The fintech sector might be beaten down, but the sector is finally showing signs of revival. Numerous sector participants hit speed bumps over the last few months leading to significantly lowered valuations.
For its part, LendingClub (NYSE:LC) remains under extreme pressure as the company deals with the fallout of the CEOs departure due to lack of internal controls. The stock has rebounded to the $5 level as Q2 comes to a close and key loan origination volumes show improvements, though down from the fast growth.
The question now is whether investors should continue buying LendingClub despite the nearly 40% gains from the death watch price in mid-May?
Internal data from LendingClub, a securitization from fellow fintech player SoFi, and a retail investor survey all provided positive signs that the late Spring freeze in the sector is starting to thaw.
Data from Goldman Sachs (NYSE:GS) suggests that a May swoon in LendingClub retail funded loans is now stabilizing close to flat over the prior year. The amount is still a sharp decline from the prior growth rates, but stability will allow the platform to start moving back to normal.
In total, the analyst forecasts that Q2 originations on the LendingClub platform will only grow 5% YoY. Such a low growth rate will pressure the revenue estimates. The online P2P lender obtained over 80% of revenues via the transaction fees of loan originations during Q1.
Possibly the most interesting news of the week is that SoFi completed a $380 million securitization that included 28 investors. The deal had investor demand for nearly 3x the amount suggesting that institutional investor demand for at least highly rated online loans is returning.

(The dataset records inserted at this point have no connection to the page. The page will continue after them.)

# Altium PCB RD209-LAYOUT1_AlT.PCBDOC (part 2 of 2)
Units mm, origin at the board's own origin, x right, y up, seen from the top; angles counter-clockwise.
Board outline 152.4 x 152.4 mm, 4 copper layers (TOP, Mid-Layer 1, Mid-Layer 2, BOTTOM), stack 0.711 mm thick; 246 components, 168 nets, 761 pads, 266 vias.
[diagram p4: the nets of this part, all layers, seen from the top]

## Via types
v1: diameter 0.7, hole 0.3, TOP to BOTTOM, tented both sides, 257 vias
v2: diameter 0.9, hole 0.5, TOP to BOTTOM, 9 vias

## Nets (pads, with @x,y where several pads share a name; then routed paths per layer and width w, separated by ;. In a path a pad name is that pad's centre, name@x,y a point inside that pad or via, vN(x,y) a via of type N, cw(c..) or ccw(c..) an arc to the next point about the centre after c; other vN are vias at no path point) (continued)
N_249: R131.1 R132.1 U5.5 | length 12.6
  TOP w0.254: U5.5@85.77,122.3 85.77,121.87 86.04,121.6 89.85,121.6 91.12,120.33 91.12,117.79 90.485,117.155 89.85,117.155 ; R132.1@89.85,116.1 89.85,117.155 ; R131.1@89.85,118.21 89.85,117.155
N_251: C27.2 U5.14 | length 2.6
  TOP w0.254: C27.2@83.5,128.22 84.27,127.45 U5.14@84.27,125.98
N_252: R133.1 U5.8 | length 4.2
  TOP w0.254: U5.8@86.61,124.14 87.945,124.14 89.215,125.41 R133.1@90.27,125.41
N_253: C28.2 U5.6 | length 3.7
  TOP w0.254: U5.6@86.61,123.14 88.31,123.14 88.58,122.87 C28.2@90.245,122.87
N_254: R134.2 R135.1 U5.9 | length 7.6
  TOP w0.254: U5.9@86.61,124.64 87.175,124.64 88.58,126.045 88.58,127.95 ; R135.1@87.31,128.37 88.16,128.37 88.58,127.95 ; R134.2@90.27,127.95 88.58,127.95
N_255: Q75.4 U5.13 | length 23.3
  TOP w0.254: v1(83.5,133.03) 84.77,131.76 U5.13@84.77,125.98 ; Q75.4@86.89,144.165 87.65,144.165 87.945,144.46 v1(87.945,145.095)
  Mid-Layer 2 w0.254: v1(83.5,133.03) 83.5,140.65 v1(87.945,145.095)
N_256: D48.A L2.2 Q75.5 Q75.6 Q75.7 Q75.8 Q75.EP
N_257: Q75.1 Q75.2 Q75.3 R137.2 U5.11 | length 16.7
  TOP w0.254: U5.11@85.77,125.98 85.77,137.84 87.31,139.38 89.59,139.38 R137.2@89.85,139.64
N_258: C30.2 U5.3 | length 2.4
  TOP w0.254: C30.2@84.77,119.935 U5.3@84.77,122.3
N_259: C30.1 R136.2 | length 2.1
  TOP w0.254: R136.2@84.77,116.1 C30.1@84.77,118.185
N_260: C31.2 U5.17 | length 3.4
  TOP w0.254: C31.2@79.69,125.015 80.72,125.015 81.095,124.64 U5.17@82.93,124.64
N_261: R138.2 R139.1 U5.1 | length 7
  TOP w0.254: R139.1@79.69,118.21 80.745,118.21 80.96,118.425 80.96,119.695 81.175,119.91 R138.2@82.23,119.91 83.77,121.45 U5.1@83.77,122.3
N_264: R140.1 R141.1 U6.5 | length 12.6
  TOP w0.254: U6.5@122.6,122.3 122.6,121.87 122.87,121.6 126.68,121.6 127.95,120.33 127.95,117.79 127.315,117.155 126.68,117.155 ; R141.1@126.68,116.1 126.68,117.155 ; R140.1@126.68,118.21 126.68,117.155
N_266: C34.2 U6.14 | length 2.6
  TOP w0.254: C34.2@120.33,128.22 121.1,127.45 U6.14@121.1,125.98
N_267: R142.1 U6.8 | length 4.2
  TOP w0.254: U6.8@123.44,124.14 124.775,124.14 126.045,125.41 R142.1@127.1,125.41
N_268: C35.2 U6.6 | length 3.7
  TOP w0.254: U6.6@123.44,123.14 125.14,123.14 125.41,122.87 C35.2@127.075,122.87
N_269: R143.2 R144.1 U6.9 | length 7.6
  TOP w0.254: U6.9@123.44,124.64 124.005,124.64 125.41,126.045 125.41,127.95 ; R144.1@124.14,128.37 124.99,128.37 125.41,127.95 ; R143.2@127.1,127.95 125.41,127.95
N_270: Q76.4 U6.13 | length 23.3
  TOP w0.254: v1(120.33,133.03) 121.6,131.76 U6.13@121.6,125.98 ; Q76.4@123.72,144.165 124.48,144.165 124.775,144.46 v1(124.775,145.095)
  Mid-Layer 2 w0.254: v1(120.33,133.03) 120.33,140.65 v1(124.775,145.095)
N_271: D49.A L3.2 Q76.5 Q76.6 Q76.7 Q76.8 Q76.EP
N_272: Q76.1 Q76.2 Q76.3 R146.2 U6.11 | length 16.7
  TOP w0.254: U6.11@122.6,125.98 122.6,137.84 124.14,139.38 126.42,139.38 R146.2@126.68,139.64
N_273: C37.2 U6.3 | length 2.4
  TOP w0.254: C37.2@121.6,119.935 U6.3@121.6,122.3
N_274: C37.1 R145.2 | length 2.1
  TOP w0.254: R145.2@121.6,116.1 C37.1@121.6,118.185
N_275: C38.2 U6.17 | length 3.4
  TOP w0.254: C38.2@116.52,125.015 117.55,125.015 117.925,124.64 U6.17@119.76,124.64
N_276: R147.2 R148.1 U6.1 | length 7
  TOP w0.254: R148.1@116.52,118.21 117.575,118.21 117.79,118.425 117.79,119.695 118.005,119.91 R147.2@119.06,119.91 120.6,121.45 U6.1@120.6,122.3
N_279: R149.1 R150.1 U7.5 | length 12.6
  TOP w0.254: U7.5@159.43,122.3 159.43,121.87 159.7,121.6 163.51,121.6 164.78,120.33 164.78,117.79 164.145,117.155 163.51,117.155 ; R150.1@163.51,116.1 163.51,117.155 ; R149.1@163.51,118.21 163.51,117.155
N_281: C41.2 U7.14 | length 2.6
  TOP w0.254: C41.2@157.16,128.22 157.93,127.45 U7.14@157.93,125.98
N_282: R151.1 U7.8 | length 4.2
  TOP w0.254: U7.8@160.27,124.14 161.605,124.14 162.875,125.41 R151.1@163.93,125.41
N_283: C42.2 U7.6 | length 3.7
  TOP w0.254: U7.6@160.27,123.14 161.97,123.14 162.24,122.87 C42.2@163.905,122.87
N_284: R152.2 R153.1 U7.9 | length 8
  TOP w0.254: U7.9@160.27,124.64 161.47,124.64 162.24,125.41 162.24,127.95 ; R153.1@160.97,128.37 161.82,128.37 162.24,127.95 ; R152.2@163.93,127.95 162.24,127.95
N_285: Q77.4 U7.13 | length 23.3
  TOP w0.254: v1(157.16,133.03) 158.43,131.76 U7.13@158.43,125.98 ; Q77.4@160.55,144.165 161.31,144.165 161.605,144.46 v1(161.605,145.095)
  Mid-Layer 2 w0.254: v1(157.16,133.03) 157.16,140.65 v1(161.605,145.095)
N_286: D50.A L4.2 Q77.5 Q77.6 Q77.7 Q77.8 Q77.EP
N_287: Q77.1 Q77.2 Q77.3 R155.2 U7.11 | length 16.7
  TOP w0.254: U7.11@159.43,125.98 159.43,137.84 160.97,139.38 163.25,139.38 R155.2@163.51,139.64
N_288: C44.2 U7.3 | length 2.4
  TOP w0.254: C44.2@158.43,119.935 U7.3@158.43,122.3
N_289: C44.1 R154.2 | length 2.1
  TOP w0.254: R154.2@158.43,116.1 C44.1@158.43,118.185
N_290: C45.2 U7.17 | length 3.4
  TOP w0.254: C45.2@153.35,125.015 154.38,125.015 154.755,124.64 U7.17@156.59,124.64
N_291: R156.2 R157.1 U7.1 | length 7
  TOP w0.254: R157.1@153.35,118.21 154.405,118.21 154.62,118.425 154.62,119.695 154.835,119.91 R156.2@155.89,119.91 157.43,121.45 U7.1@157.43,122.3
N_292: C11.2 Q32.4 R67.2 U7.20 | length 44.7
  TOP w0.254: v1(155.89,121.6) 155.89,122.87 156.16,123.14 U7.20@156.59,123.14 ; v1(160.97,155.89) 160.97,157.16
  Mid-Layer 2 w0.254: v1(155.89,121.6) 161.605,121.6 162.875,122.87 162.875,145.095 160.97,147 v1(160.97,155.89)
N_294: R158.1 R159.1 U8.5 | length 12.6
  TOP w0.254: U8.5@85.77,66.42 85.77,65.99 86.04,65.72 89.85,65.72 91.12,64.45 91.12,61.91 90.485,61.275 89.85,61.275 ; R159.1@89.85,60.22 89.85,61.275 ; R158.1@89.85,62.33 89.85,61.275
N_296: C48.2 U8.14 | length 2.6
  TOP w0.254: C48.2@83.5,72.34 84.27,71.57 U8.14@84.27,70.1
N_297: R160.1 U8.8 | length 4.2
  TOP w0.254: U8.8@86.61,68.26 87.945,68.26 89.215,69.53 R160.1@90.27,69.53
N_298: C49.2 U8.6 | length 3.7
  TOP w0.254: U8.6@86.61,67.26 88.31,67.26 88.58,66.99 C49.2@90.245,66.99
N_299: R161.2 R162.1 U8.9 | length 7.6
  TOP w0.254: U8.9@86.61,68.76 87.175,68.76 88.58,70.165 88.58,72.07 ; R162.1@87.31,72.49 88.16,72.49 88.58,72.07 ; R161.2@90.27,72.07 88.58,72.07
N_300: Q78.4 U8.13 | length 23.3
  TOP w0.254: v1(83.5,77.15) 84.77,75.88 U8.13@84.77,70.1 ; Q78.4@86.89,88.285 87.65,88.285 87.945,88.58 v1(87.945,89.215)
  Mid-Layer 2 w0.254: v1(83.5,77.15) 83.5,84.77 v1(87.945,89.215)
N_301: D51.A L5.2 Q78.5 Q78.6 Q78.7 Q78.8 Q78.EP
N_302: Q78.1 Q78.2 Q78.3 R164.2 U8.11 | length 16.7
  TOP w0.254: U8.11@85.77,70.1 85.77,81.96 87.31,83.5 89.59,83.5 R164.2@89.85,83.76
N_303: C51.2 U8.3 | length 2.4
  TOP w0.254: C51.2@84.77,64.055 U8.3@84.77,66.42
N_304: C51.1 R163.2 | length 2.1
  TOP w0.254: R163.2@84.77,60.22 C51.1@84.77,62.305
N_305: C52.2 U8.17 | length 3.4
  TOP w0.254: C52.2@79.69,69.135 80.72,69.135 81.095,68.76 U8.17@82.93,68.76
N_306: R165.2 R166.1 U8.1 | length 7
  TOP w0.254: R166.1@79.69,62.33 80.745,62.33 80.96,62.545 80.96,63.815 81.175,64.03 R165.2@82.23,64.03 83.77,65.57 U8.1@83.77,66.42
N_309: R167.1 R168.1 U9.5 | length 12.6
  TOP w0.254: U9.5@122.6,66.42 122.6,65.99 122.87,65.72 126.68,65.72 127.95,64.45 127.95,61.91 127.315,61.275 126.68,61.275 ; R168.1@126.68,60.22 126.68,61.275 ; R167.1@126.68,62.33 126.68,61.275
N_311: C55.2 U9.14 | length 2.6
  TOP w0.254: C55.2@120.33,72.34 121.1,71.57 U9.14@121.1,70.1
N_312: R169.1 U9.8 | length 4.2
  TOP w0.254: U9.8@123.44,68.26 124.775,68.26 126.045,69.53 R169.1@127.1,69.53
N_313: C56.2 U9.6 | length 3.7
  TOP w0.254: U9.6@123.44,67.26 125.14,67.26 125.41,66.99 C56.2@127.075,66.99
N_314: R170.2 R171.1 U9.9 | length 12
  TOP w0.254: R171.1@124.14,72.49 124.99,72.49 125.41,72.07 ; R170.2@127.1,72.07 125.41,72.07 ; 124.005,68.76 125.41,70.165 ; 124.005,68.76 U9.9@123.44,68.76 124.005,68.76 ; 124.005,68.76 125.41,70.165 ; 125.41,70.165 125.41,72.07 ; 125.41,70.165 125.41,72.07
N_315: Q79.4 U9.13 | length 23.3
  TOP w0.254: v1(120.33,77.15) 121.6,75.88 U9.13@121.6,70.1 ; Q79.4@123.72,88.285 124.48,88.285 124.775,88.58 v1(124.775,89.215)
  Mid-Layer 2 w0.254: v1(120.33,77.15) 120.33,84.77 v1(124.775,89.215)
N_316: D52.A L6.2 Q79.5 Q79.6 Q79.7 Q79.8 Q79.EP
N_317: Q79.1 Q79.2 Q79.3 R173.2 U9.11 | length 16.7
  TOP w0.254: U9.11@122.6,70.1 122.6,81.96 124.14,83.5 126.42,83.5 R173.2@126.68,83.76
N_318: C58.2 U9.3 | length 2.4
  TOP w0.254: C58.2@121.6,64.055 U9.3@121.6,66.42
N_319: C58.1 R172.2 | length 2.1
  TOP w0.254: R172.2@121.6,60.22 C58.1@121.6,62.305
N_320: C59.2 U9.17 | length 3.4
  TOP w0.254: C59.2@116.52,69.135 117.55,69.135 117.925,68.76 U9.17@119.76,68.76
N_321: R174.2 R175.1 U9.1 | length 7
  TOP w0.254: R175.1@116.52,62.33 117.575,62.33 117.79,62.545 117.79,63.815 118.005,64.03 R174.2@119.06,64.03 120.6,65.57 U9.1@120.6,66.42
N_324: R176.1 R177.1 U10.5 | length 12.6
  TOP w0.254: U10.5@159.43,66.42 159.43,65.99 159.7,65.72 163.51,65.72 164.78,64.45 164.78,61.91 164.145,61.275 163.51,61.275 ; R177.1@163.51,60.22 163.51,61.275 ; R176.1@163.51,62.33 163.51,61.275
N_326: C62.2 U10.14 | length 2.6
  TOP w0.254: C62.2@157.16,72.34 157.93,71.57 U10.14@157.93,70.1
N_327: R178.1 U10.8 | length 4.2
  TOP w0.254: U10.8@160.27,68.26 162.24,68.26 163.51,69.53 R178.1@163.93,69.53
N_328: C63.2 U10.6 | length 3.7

Kroll Bond Rating Agency gave the bonds a single-A rating. The one downside is that the demand doesn't clarify whether institutions are willing to invest in the more risky loans that LendingClub lists as Grade C or below that account for roughly 50% of the originated loans in past periods.
An AlphaWise survey of retail sentiment suggests that 70% of respondents plan to increase investments in loans on the LendingClub platform with only 18% planning to discontinue investments. More importantly, 23% of respondents expect to stop investing on a temporary basis suggesting that retail investment appetite is due to rebound.
All of these data points are further signs that the top players in the sector can thrive in the future as the dust settles.
Difficult To Value
The biggest issue with valuing LendingClub is the current disruption to the business model doesn't provide a clear view of the future. If the company generated $85.6 million in transaction fees last Q2, the market should expect roughly $90.0 million in fees this quarter based on only a 5% increase in originations.
The good news is that other revenues should more approximate the recent Q1 totals with servicing fees likely above the $16.9 million due to a higher balance in the servicing portfolio. Assuming management fees and other revenue stays the same sequentially at $9.8 million, Q2 revenues would reach $116.7 million.
The company had operating revenues of $96.9 million during last Q2 so possibly LendingClub ends up with 20% revenue growth. The growth rate will slide going forward unless originations improve.
So if loan demand is rebounding, investors get a stock with an enterprise value of roughly $1 billion with a big asterisk as the $868 million cash balance is at risk in short-term loan purchases. Of course, based on historical loan performance, LendingClub will actually make a profit on these loans temporarily held for sale.
If revenues reach $500 million for the year, investors get the stock for an enterprise value of roughly 2x the revenue run rate.
Lots of risk still exists as the company remains under regulatory scrutiny and the new CEO has yet to get out in front of the investment community. The stock though remains a bargain below $5 as the fintech sector starts showing signs of improvement.
Investors might want to hold dry powder in case LendingClub's stock sees another blip, but the recommendation is to build a position or maintain the one previously built on the death watch price from last month.
Disclosure: I/we have no positions in any stocks mentioned, but may initiate a long position in LC over the next 72 hours.
I wrote this article myself, and it expresses my own opinions. I am not receiving compensation for it (other than from Seeking Alpha). I have no business relationship with any company whose stock is mentioned in this article.
Additional disclosure: The information contained herein is for informational purposes only. Nothing in this article should be taken as a solicitation to purchase or sell securities. Before buying or selling any stock you should do your own research and reach your own conclusion or consult a financial advisor. Investing includes risks, including loss of principal.